## WHAT TO WORK ON
Return a faithful copy of all the entries, omitting the images.

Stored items
──────
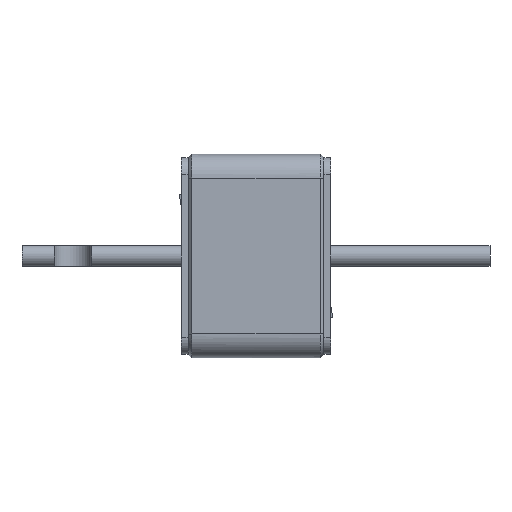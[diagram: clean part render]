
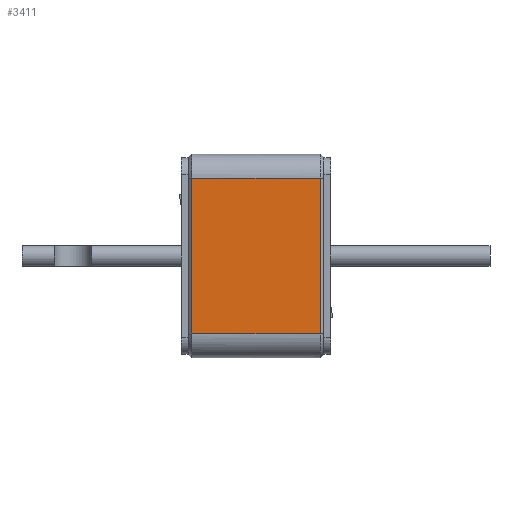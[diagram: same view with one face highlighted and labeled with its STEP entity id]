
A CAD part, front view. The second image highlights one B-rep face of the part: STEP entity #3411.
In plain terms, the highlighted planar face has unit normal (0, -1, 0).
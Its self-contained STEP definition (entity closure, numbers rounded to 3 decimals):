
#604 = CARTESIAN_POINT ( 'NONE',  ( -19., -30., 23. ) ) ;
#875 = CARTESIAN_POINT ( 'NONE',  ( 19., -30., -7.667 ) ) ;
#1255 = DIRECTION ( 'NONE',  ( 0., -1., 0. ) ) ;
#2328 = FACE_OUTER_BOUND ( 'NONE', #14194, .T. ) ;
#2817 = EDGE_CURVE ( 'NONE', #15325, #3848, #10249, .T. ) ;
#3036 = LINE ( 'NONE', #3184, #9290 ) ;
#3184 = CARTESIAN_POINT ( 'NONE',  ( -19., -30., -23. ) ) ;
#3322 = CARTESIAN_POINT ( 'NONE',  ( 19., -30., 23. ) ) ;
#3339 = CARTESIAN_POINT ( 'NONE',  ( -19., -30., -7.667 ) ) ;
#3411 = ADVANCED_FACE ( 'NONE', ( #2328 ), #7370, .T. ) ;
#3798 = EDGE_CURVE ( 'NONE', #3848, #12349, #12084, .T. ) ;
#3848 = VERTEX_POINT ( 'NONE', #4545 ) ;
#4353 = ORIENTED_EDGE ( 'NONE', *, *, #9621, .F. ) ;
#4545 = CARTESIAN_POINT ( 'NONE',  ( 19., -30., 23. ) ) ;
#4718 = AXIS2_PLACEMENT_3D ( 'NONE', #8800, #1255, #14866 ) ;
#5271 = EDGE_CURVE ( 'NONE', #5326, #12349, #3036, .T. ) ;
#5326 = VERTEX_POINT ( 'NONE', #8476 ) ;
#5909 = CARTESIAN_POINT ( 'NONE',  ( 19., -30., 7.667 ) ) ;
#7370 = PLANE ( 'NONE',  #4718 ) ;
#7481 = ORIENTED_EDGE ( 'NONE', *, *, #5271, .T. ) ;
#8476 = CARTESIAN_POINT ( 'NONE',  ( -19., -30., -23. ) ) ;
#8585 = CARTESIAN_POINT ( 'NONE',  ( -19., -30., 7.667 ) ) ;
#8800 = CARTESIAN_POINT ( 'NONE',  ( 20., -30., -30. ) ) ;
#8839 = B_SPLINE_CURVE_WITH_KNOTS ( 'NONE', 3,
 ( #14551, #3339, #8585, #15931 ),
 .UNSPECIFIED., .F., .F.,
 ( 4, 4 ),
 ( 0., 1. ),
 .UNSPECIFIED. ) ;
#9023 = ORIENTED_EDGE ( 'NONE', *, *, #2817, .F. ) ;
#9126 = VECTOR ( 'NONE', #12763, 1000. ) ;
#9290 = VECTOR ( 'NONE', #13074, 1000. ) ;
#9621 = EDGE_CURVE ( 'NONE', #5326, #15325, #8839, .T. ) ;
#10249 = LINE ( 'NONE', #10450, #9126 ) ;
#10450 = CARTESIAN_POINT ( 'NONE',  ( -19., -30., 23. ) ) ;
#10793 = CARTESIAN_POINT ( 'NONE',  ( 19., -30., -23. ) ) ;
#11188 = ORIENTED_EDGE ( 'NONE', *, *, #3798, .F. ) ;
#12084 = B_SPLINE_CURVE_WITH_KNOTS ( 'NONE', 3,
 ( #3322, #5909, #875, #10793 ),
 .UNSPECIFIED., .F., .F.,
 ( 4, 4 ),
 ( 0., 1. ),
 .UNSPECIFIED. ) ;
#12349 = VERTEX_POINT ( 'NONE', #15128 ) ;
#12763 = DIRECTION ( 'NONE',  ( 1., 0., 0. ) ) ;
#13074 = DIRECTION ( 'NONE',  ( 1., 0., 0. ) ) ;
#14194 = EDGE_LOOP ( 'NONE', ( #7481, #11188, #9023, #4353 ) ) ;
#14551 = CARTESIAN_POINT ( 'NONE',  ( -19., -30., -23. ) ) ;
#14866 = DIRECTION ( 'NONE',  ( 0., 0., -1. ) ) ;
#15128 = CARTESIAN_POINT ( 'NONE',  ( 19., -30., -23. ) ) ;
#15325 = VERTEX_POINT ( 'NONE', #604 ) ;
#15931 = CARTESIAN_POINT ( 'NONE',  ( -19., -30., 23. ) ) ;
──────
## WORKED SOLUTION
[diagram: clean part render]
[diagram: same view with one face highlighted and labeled with its STEP entity id]
A CAD part, front view. The second image highlights one B-rep face of the part: STEP entity #3411.
In plain terms, the highlighted planar face has unit normal (0, -1, 0).
Its self-contained STEP definition (entity closure, numbers rounded to 3 decimals):
#604 = CARTESIAN_POINT ( 'NONE',  ( -19., -30., 23. ) ) ;
#875 = CARTESIAN_POINT ( 'NONE',  ( 19., -30., -7.667 ) ) ;
#1255 = DIRECTION ( 'NONE',  ( 0., -1., 0. ) ) ;
#2328 = FACE_OUTER_BOUND ( 'NONE', #14194, .T. ) ;
#2817 = EDGE_CURVE ( 'NONE', #15325, #3848, #10249, .T. ) ;
#3036 = LINE ( 'NONE', #3184, #9290 ) ;
#3184 = CARTESIAN_POINT ( 'NONE',  ( -19., -30., -23. ) ) ;
#3322 = CARTESIAN_POINT ( 'NONE',  ( 19., -30., 23. ) ) ;
#3339 = CARTESIAN_POINT ( 'NONE',  ( -19., -30., -7.667 ) ) ;
#3411 = ADVANCED_FACE ( 'NONE', ( #2328 ), #7370, .T. ) ;
#3798 = EDGE_CURVE ( 'NONE', #3848, #12349, #12084, .T. ) ;
#3848 = VERTEX_POINT ( 'NONE', #4545 ) ;
#4353 = ORIENTED_EDGE ( 'NONE', *, *, #9621, .F. ) ;
#4545 = CARTESIAN_POINT ( 'NONE',  ( 19., -30., 23. ) ) ;
#4718 = AXIS2_PLACEMENT_3D ( 'NONE', #8800, #1255, #14866 ) ;
#5271 = EDGE_CURVE ( 'NONE', #5326, #12349, #3036, .T. ) ;
#5326 = VERTEX_POINT ( 'NONE', #8476 ) ;
#5909 = CARTESIAN_POINT ( 'NONE',  ( 19., -30., 7.667 ) ) ;
#7370 = PLANE ( 'NONE',  #4718 ) ;
#7481 = ORIENTED_EDGE ( 'NONE', *, *, #5271, .T. ) ;
#8476 = CARTESIAN_POINT ( 'NONE',  ( -19., -30., -23. ) ) ;
#8585 = CARTESIAN_POINT ( 'NONE',  ( -19., -30., 7.667 ) ) ;
#8800 = CARTESIAN_POINT ( 'NONE',  ( 20., -30., -30. ) ) ;
#8839 = B_SPLINE_CURVE_WITH_KNOTS ( 'NONE', 3,
 ( #14551, #3339, #8585, #15931 ),
 .UNSPECIFIED., .F., .F.,
 ( 4, 4 ),
 ( 0., 1. ),
 .UNSPECIFIED. ) ;
#9023 = ORIENTED_EDGE ( 'NONE', *, *, #2817, .F. ) ;
#9126 = VECTOR ( 'NONE', #12763, 1000. ) ;
#9290 = VECTOR ( 'NONE', #13074, 1000. ) ;
#9621 = EDGE_CURVE ( 'NONE', #5326, #15325, #8839, .T. ) ;
#10249 = LINE ( 'NONE', #10450, #9126 ) ;
#10450 = CARTESIAN_POINT ( 'NONE',  ( -19., -30., 23. ) ) ;
#10793 = CARTESIAN_POINT ( 'NONE',  ( 19., -30., -23. ) ) ;
#11188 = ORIENTED_EDGE ( 'NONE', *, *, #3798, .F. ) ;
#12084 = B_SPLINE_CURVE_WITH_KNOTS ( 'NONE', 3,
 ( #3322, #5909, #875, #10793 ),
 .UNSPECIFIED., .F., .F.,
 ( 4, 4 ),
 ( 0., 1. ),
 .UNSPECIFIED. ) ;
#12349 = VERTEX_POINT ( 'NONE', #15128 ) ;
#12763 = DIRECTION ( 'NONE',  ( 1., 0., 0. ) ) ;
#13074 = DIRECTION ( 'NONE',  ( 1., 0., 0. ) ) ;
#14194 = EDGE_LOOP ( 'NONE', ( #7481, #11188, #9023, #4353 ) ) ;
#14551 = CARTESIAN_POINT ( 'NONE',  ( -19., -30., -23. ) ) ;
#14866 = DIRECTION ( 'NONE',  ( 0., 0., -1. ) ) ;
#15128 = CARTESIAN_POINT ( 'NONE',  ( 19., -30., -23. ) ) ;
#15325 = VERTEX_POINT ( 'NONE', #604 ) ;
#15931 = CARTESIAN_POINT ( 'NONE',  ( -19., -30., 23. ) ) ;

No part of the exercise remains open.